I know how crazy this sounds, but I believe my female betta is now a Male or at least trying to be . I’ve read countless forums on this topic with no specific answers. I’m 100% sure she was/is female. I know this because I have bred her. The first image is from 4 months ago, the second is from today, the third is one of her male offspring. Any info will help


----------



## Rana (Apr 27, 2013)

Some fish can change sex, but as far as I know bettas are _not_ one of them (without outside help like exposure to artificial hormones anyway). More likely in my opinion, your betta just has long "male-type" fins which have developed over time- and that's why I prefer not to rely on fin size/shape when determining sex!

To confirm sex, I prefer to look for ovaries. Your betta has a dark body and heavy scales, so you may not see them very easily, but if you take your time you should be able to find them. Take a flashlight and shine it from behind your betta, so you see the shadow of their organs. If you see the round shape of their stomach and nothing else, they are male. If you see a triangular shadow extending down towards their tail, those are ovaries and they are female!

You can also look for the shape from the outside of your betta's body, but this isn't as conclusive since fat males may seem to "bulge out" past their stomach and skinny females may seem to "curve in", etc. But in a fish with heavy scaling it may be helpful.

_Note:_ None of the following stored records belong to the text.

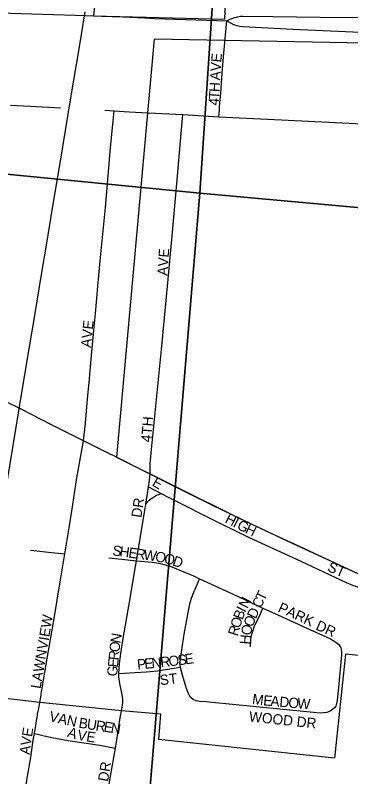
# Model space of a CAD drawing. Extents: x 1410790 to 1770854, y 566777 to 831614.
# Drawn here: x 1614218 to 1615859, y 699284 to 703004 of the extents above; entities that cross this region are included whole.
import ezdxf

# ---------------------------------------------------------------- set-up
doc = ezdxf.new("R2010")
doc.units = 0
for name, color, linetype in [('GM_X_City_Street', 7, 'Continuous'), ('GM_X_City_Street_Text', 7, 'Continuous'), ('GM_X_Corporation', 7, 'Continuous'), ('GM_X_Rail_Line', 7, 'Continuous'), ('GM_X_Section', 7, 'Continuous'), ('GM_X_State_Route', 7, 'Continuous'), ('GM_X_Township_Subdivision', 7, 'Continuous'), ('GM_X_Township_Subdivision_Text', 7, 'Continuous'), ('GM_X_US_Route', 7, 'Continuous')]:
    doc.layers.add(name, color=color, linetype=linetype)

msp = doc.modelspace()

# ---------------------------------------------------------------- linework, layer by layer
at = {"layer": 'GM_X_City_Street'}
for points in [[(1614195, 702565.2), (1614290.8, 702559.9), (1614439.8, 702552.4)], [(1614552.2, 700924.3), (1614561.3, 701010.9), (1614568.5, 701090.6), (1614573.5, 701146.4), (1614579.3, 701209.8), (1614584.6, 701267.4), (1614589.6, 701323.2), (1614593, 701360.3), (1614602.6, 701465.8), (1614610.2, 701546.8), (1614615.3, 701601.8), (1614622.7, 701680.8), (1614627.6, 701733), (1614634.2, 701803.9), (1614647, 701934.5), (1614659.1, 702064.7), (1614676.3, 702259.2), (1614683, 702340.5), (1614698.5, 702503.8), (1614701.7, 702537.3)], [(1614656, 702540), (1614701.7, 702537.3)], [(1614701.7, 702537.3), (1614774.9, 702532.8), (1614867.7, 702527.5)], [(1614460.2, 700372.3), (1614481.8, 700500), (1614495, 700580.7), (1614519.7, 700744.7), (1614547.3, 700897), (1614552.2, 700924.3)], [(1614869.6, 700699.8), (1614872.6, 700720.2), (1614877.7, 700762.1)], [(1614857, 700615), (1614869.6, 700699.8)], [(1614869.6, 700699.8), (1614894.2, 700687), (1614931.6, 700667.1)], [(1614857, 700615), (1614867.4, 700628.1), (1614873.9, 700634.8), (1614879.6, 700640.3), (1614888, 700646.4), (1614898.9, 700653.2), (1614909.9, 700659.3), (1614920, 700663.3), (1614931.6, 700667.1)], [(1614931.6, 700667.1), (1614966.7, 700649.3), (1615215.1, 700524.5), (1615361.9, 700452.7), (1615614.2, 700336.4), (1615836.7, 700233.2), (1615866.7, 700220.4), (1615881.9, 700215), (1615897.5, 700210.9), (1615913.6, 700210.1), (1615925.4, 700212), (1615934.7, 700214.8), (1615944.7, 700220.2), (1615956.8, 700228.4), (1615972.6, 700240.2)], [(1614811.1, 700338.9), (1614849.8, 700575.9), (1614857, 700615)], [(1614292.7, 700391.2), (1614309.8, 700388.9), (1614395.7, 700379.6), (1614460.2, 700372.3)], [(1614338.8, 699647.1), (1614343, 699672.1), (1614347.4, 699698.5), (1614374.4, 699861.2), (1614408.4, 700057.1), (1614437.7, 700236.8), (1614460.2, 700372.3)], [(1614676.3, 700353.2), (1614739.6, 700346.5), (1614811.1, 700338.9)], [(1614725.1, 699788.4), (1614727.6, 699837.1), (1614734.4, 699885.4), (1614744.3, 699949.7), (1614783.7, 700174.3), (1614805.2, 700302.8), (1614811.1, 700338.9)], [(1614811.1, 700338.9), (1614888.4, 700331.6), (1614920.9, 700326.7), (1614952.7, 700319.3), (1614983.9, 700309.3), (1615089.7, 700264.9), (1615120.1, 700250.8)], [(1615026.5, 699819.9), (1615025.2, 699828), (1615024.5, 699844.3), (1615025.8, 699860.6), (1615045.7, 699990.9), (1615066.5, 700103.1), (1615073.6, 700135), (1615082.1, 700161), (1615092.1, 700186.5), (1615109.5, 700226.4), (1615120.1, 700250.8)], [(1615120.1, 700250.8), (1615283.2, 700175.2), (1615429.8, 700108)], [(1615368.5, 699918.8), (1615370.4, 699952), (1615372.6, 699968.5), (1615376.2, 699984.7), (1615381.3, 700000.4), (1615387.4, 700015.8), (1615415.2, 700076.3), (1615429.8, 700108)], [(1615429.8, 700108), (1615506.4, 700072.9), (1615640.7, 700011.6), (1615760.1, 699957.6), (1615786.1, 699942.2), (1615800, 699930.8), (1615806.2, 699922.4), (1615808.6, 699916.8)], [(1615808.6, 699916.8), (1615809.6, 699914.7), (1615812.4, 699905.2), (1615814.2, 699893), (1615814, 699879.3), (1615799.5, 699720.3), (1615792.1, 699656.8), (1615789.1, 699641.4), (1615785.4, 699629.5), (1615780.2, 699621.1), (1615771.6, 699613.4)], [(1614725.1, 699788.4), (1614753.1, 699789.9), (1614803.6, 699792.9), (1614860.9, 699797), (1614914.1, 699802.1), (1614993.2, 699814.9), (1615026.5, 699819.9)], [(1615198.4, 699645.4), (1615197.1, 699645.5), (1615152, 699649.8), (1615119.3, 699652.2), (1615103.2, 699655.7), (1615088.2, 699661.9), (1615078.7, 699669.7), (1615072.6, 699677.5), (1615066.9, 699686.8), (1615060.5, 699702.7), (1615054.5, 699719.8), (1615035.5, 699779.9), (1615027.7, 699811.8), (1615026.5, 699819.9)], [(1614738, 699606.3), (1614744.1, 699643.7), (1614745, 699661), (1614743, 699676.8), (1614736.1, 699708.1), (1614729.9, 699739.8), (1614725.7, 699772.1), (1614725.1, 699788.4)], [(1615771.6, 699613.4), (1615757.7, 699604.5), (1615742.3, 699598.5), (1615726.1, 699595.8), (1615709.7, 699595.3), (1615660.1, 699598.8), (1615396, 699625.8), (1615264.1, 699638.6), (1615198.4, 699645.4)]]:
    msp.add_lwpolyline(points, dxfattribs=at)
at = {"layer": 'GM_X_Corporation'}
for points in [[(1614618.6, 703165.5), (1614600.8, 703000.9), (1615242.5, 702985), (1615288.1, 704103.9)], [(1615927.6, 702867.9), (1614897.7, 702887.8), (1614713.2, 700845.6), (1615310.3, 700548.7), (1615550.8, 700434.8), (1615847.5, 700297.7), (1615972.6, 700240.2)], [(1616305.8, 699835.5), (1615832.7, 699882.7), (1615779.1, 699374.7), (1614920.1, 699465.3), (1614931, 699590.3), (1614738, 699606.3), (1614338.8, 699647.1), (1613974.6, 699689), (1613706.5, 697548.1), (1615532, 697360.8), (1616779.5, 697219.4)]]:
    msp.add_lwpolyline(points, dxfattribs=at)
at = {"layer": 'GM_X_Rail_Line'}
msp.add_lwpolyline([(1613660.2, 697611.3), (1613756.8, 698189.3), (1613762.8, 698225.7), (1613816.6, 698552.5), (1613852, 698764.6), (1613897.7, 699037.2), (1613949, 699342.4), (1613974.5, 699500.6), (1614028, 699817.5), (1614066.2, 700052.9), (1614098.4, 700241.6), (1614144.5, 700515.3), (1614191.5, 700803.5), (1614239.3, 701090.6), (1614274, 701298.4), (1614314.4, 701537.4), (1614347, 701737.4), (1614371, 701881.5), (1614402.2, 702071.6), (1614437.6, 702281.5), (1614491, 702600.5), (1614533.2, 702850.1), (1614561.1, 703019.8)], dxfattribs=at)
at = {"layer": 'GM_X_Section'}
for points in [[(1610104.6, 708025.3), (1615479.9, 707495.5), (1615120.2, 702135.6), (1609553.2, 702682.3)], [(1615479.9, 707495.5), (1620745.4, 706937.6), (1620208.5, 701671.7), (1615120.2, 702135.6)], [(1609553.2, 702682.3), (1615120.2, 702135.6), (1614682.3, 696901), (1609051.7, 697468.6)], [(1615120.2, 702135.6), (1620208.5, 701671.7), (1619668.6, 696337.8), (1614682.3, 696901)]]:
    msp.add_lwpolyline(points, close=True, dxfattribs=at)
at = {"layer": 'GM_X_State_Route'}
for points in [[(1614552.2, 700924.3), (1614395.4, 701003.4), (1614247.9, 701078.9), (1614099.4, 701151.8), (1614032.6, 701185), (1613851.2, 701276), (1613631.5, 701387.1), (1613578, 701413.5), (1613338.1, 701532.9), (1613006.1, 701697.7), (1612927.1, 701738.9), (1612816.7, 701793.8), (1612767.2, 701819), (1612614.2, 701896.7), (1612354.1, 702026.6), (1612148, 702129.3), (1611849.9, 702278.1)], [(1614713.2, 700845.6), (1614713.2, 700845.6), (1614669.7, 700866.3), (1614577.7, 700911.4), (1614552.2, 700924.3)], [(1616020.5, 700218.2), (1616010.5, 700222.7), (1615972.6, 700240.2), (1615806.6, 700316.5), (1615583.7, 700419.5), (1615550.8, 700434.8), (1615420.5, 700495.1), (1615185, 700609.6), (1615065.6, 700667.9), (1615023.2, 700688.6), (1614877.7, 700762.1), (1614833.3, 700784.6), (1614713.2, 700845.6)]]:
    msp.add_lwpolyline(points, dxfattribs=at)
at = {"layer": 'GM_X_Township_Subdivision'}
for points in [[(1615213.5, 702508.2), (1615216.4, 702542.1), (1615217.8, 702558.3), (1615222.9, 702623.3), (1615230.7, 702720.5), (1615237.1, 702801.6), (1615252.6, 702975.9)], [(1614867.7, 702527.5), (1615038, 702519.3)], [(1614877.7, 700762.1), (1614878.4, 700805.6), (1614878.7, 700815.6), (1614880, 700828.7), (1614884.8, 700882.6), (1614904.3, 701078.5), (1614933, 701371.9), (1614965.9, 701715), (1614986.8, 701943.9), (1615000.1, 702091), (1615013.6, 702238.1), (1615034.9, 702483.2), (1615038, 702519.3)], [(1615038, 702519.3), (1615064.1, 702518.1), (1615213.5, 702508.2)], [(1615213.5, 702508.2), (1615245.7, 702506.1), (1615520.7, 702492.3), (1615916.2, 702473.7), (1616095.5, 702464.1), (1616226, 702457.4), (1616357.8, 702450.7), (1616469.4, 702445.6), (1616537.9, 702442.6), (1616702.1, 702434), (1616800.7, 702429), (1616879.8, 702424.9), (1616911, 702423.4)], [(1614312, 699495.9), (1614320.2, 699544.9), (1614322.4, 699558.1), (1614324.9, 699573.7), (1614327.6, 699589), (1614330.6, 699603.9), (1614333.3, 699617.6), (1614338.8, 699647.1)], [(1614707.9, 699424.2), (1614714.9, 699464.2), (1614730.2, 699561.6), (1614738, 699606.3)], [(1614064.6, 697907.6), (1614058.5, 697918.1), (1614054.9, 697933.5), (1614054.9, 697949.8), (1614056.1, 697965.9), (1614069, 698046.7), (1614087.6, 698143.3), (1614099.3, 698207.7), (1614113, 698288.4), (1614172.1, 698643.8), (1614190.6, 698755.7), (1614196.1, 698787.4), (1614228.3, 698980.8), (1614259.7, 699174.6), (1614279.2, 699287.4), (1614293.2, 699368), (1614306.6, 699463), (1614312, 699495.9)], [(1614312, 699495.9), (1614333.5, 699490.5), (1614360.5, 699484), (1614405.7, 699474.4), (1614486.3, 699460.3), (1614632.1, 699438.2), (1614680.4, 699429.2), (1614707.9, 699424.2)], [(1614641.4, 699030.3), (1614683.6, 699286.5), (1614707.9, 699424.2)]]:
    msp.add_lwpolyline(points, dxfattribs=at)
at = {"layer": 'GM_X_US_Route'}
for points in [[(1613372.9, 703024.7), (1613462.9, 703023.4), (1613554, 703023), (1613608.3, 703022.5), (1613819.9, 703018.9), (1613923.5, 703017.7), (1613969.5, 703017.3), (1614070.4, 703016.4), (1614194, 703013.5), (1614299.4, 703010.6), (1614510.7, 703003.7), (1614562.8, 703002.2), (1614600.8, 703000.9), (1614640.2, 702999.4)], [(1614640.2, 702999.4), (1614743.9, 702995.5), (1614851.3, 702990.8)], [(1614851.3, 702990.8), (1614901, 702988.6), (1615252.6, 702975.9)], [(1615252.6, 702975.9), (1615269.8, 702984.2), (1615286.6, 702991), (1615305.6, 702996.3), (1615319.2, 702998.8), (1615330.4, 702999.5), (1615477.2, 702998.2), (1615708.9, 702995.2), (1615912, 702992.3)], [(1615252.6, 702975.9), (1615270.3, 702966.2), (1615286.4, 702959.4), (1615302.4, 702953.8), (1615317.3, 702950.4), (1615329.4, 702948.9), (1615362.8, 702947.2), (1615576.3, 702935.7), (1615907.3, 702920.9)]]:
    msp.add_lwpolyline(points, dxfattribs=at)

# ---------------------------------------------------------------- texts
at = {"layer": 'GM_X_City_Street_Text'}
for s, rotation, p in [('AVE', 84.0899, (1614588.3, 701378.5)), ('E', 330.2568, (1614883.9, 700708.1)), ('DR', 81.4652, (1614834.8, 700547.2)), ('H', 332.6823, (1615240, 700527.9)), ('I', 332.6528, (1615279.1, 700507.7)), ('G', 332.6921, (1615298.7, 700497.6)), ('H', 333.5558, (1615338.5, 700477)), ('S', 352.1462, (1614691.3, 700366.1)), ('H', 352.1512, (1614726.1, 700361.3)), ('E', 352.1327, (1614769.7, 700355.3)), ('R', 352.1573, (1614804.6, 700350.4)), ('W', 352.1493, (1614843.9, 700345)), ('O', 349.003, (1614899.8, 700337.3)), ('O', 344.7602, (1614942, 700329.2)), ('D', 341.1123, (1614983.7, 700317.8)), ('ST', 336.8061, (1615741, 700290.6)), ('T', 64.1619, (1615435.9, 700139.1)), ('N', 63.4203, (1615352.7, 700102.7)), ('C', 64.1681, (1615418.6, 700103.5)), ('I', 63.4447, (1615342.9, 700083)), ('PARK', 335.5548, (1615499.2, 700092.5)), ('LAWNVIEW', 80.4166, (1614342, 699711.5)), ('B', 68.9067, (1615329.1, 700047.2)), ('D', 65.0676, (1615394.4, 700051.9)), ('O', 73.1689, (1615316.7, 700006)), ('O', 68.5882, (1615378.7, 700011.7)), ('DR', 336.0313, (1615683.9, 700004.5)), ('R', 73.174, (1615305.2, 699968.1)), ('O', 76.0486, (1615368.6, 699970.6)), ('N', 79.8046, (1614732.2, 699933.4)), ('H', 84.9668, (1615365, 699928.8)), ('O', 84.1317, (1614727.9, 699890.7)), ('R', 84.2425, (1614723.9, 699851.3)), ('E', 84.2255, (1614720.4, 699816.2)), ('P', 5.7187, (1614816.8, 699807.3)), ('E', 5.7329, (1614851.8, 699810.8)), ('N', 5.7258, (1614886.8, 699814.3)), ('R', 5.7154, (1614930.6, 699818.7)), ('O', 6.7439, (1614971, 699822.8)), ('S', 7.7186, (1615015.6, 699828.1)), ('E', 7.7554, (1615050.5, 699832.8)), ('G', 84.2415, (1614715.9, 699772.5)), ('ST', 7.1284, (1614928.4, 699730.7)), ('M', 352.7123, (1615374.8, 699639.8)), ('E', 354.9982, (1615429.4, 699632.9)), ('A', 355.1443, (1615464.6, 699629.8)), ('D', 355.1561, (1615508.4, 699626.1)), ('O', 355.1561, (1615552.3, 699622.4)), ('W', 355.1526, (1615596.1, 699618.7)), ('WOOD DR', 353.946, (1615359.6, 699554.6))]:
    msp.add_text(s, height=50, rotation=rotation, dxfattribs=at).set_placement(p)
at = {"layer": 'GM_X_Township_Subdivision_Text'}
for s, rotation, p in [('E', 84.7474, (1615225.4, 702772)), ('V', 86.6489, (1615222.9, 702728.5)), ('A', 86.6489, (1615220.3, 702684.6)), ('H', 86.6489, (1615217, 702627.5)), ('T', 86.6375, (1615214.9, 702592.4)), ('4', 86.6574, (1615213.1, 702561.6)), ('AVE', 86.0496, (1614962.3, 701730.2)), ('4TH', 85.4285, (1614883.1, 700916.3)), ('V', 347.3159, (1614381.3, 699556.6)), ('A', 347.3052, (1614424.3, 699547)), ('N', 347.3174, (1614467.2, 699537.3)), ('B', 350.5226, (1614526, 699524.2)), ('U', 351.2957, (1614565.8, 699517.5)), ('R', 351.2957, (1614609.3, 699510.9)), ('E', 80.8072, (1614300.1, 699476.6)), ('A', 341.6825, (1614469.9, 699480.9)), ('E', 351.296, (1614648.4, 699504.9)), ('N', 351.2908, (1614683.2, 699499.6)), ('V', 82.3707, (1614294.3, 699433.3)), ('V', 350.1095, (1614519.4, 699465.1)), ('E', 350.8635, (1614563.5, 699457.5)), ('A', 83.2301, (1614289.1, 699389.8)), ('DR', 81.0327, (1614672, 699258.2))]:
    msp.add_text(s, height=50, rotation=rotation, dxfattribs=at).set_placement(p)

doc.saveas('drawing.dxf')

Here's some pictures of bettas with their organs highlighted to show you what shapes to look for:





















Since you know for certain that your betta was female and fertile earlier in her life, I would be very interested in hearing your results. It's possible that physical damage or some sort of illness caused her to stop producing female hormones, allowing "male" characteristics like fin size to develop, or something of that nature.


----------



## CosmicSyringe (Jul 20, 2013)

That is incredible! The only thing I can think of is maybe she just wasn't fully developed until becoming male. I'm astounded.


----------



## Brisbettas (Jun 2, 2020)

Rana said:


> Some fish can change sex, but as far as I know bettas are _not_ one of them (without outside help like exposure to artificial hormones anyway). More likely in my opinion, your betta just has long "male-type" fins which have developed over time- and that's why I prefer not to rely on fin size/shape when determining sex!
> 
> To confirm sex, I prefer to look for ovaries. Your betta has a dark body and heavy scales, so you may not see them very easily, but if you take your time you should be able to find them. Take a flashlight and shine it from behind your betta, so you see the shadow of their organs. If you see the round shape of their stomach and nothing else, they are male. If you see a triangular shadow extending down towards their tail, those are ovaries and they are female!
> 
> ...


I couldn’t get any light through her scales, but her body shape is now more along the lines of males and her ovipositor has disappeared. Three months ago when she was recovering from breeding she actually got velvet so I treated her with microbelift, warmer water and Indian almond leaves. After that is when I noticed the changes. I feel the microbelift I used disrupted her hormones.


----------



## RussellTheShihTzu (Mar 19, 2013)

You can also tell the difference through "beards." A male's will extend past his gills; a female's is barely visible.


----------



## Jmart985 (May 15, 2021)

Brisbettas said:


> I know how crazy this sounds, but I believe my female betta is now a Male or at least trying to be . I’ve read countless forums on this topic with no specific answers. I’m 100% sure she was/is female. I know this because I have bred her. The first image is from 4 months ago, the second is from today, the third is one of her male offspring. Any info will help
> View attachment 1018617
> View attachment 1018618
> View attachment 1018619


Maybe this will help.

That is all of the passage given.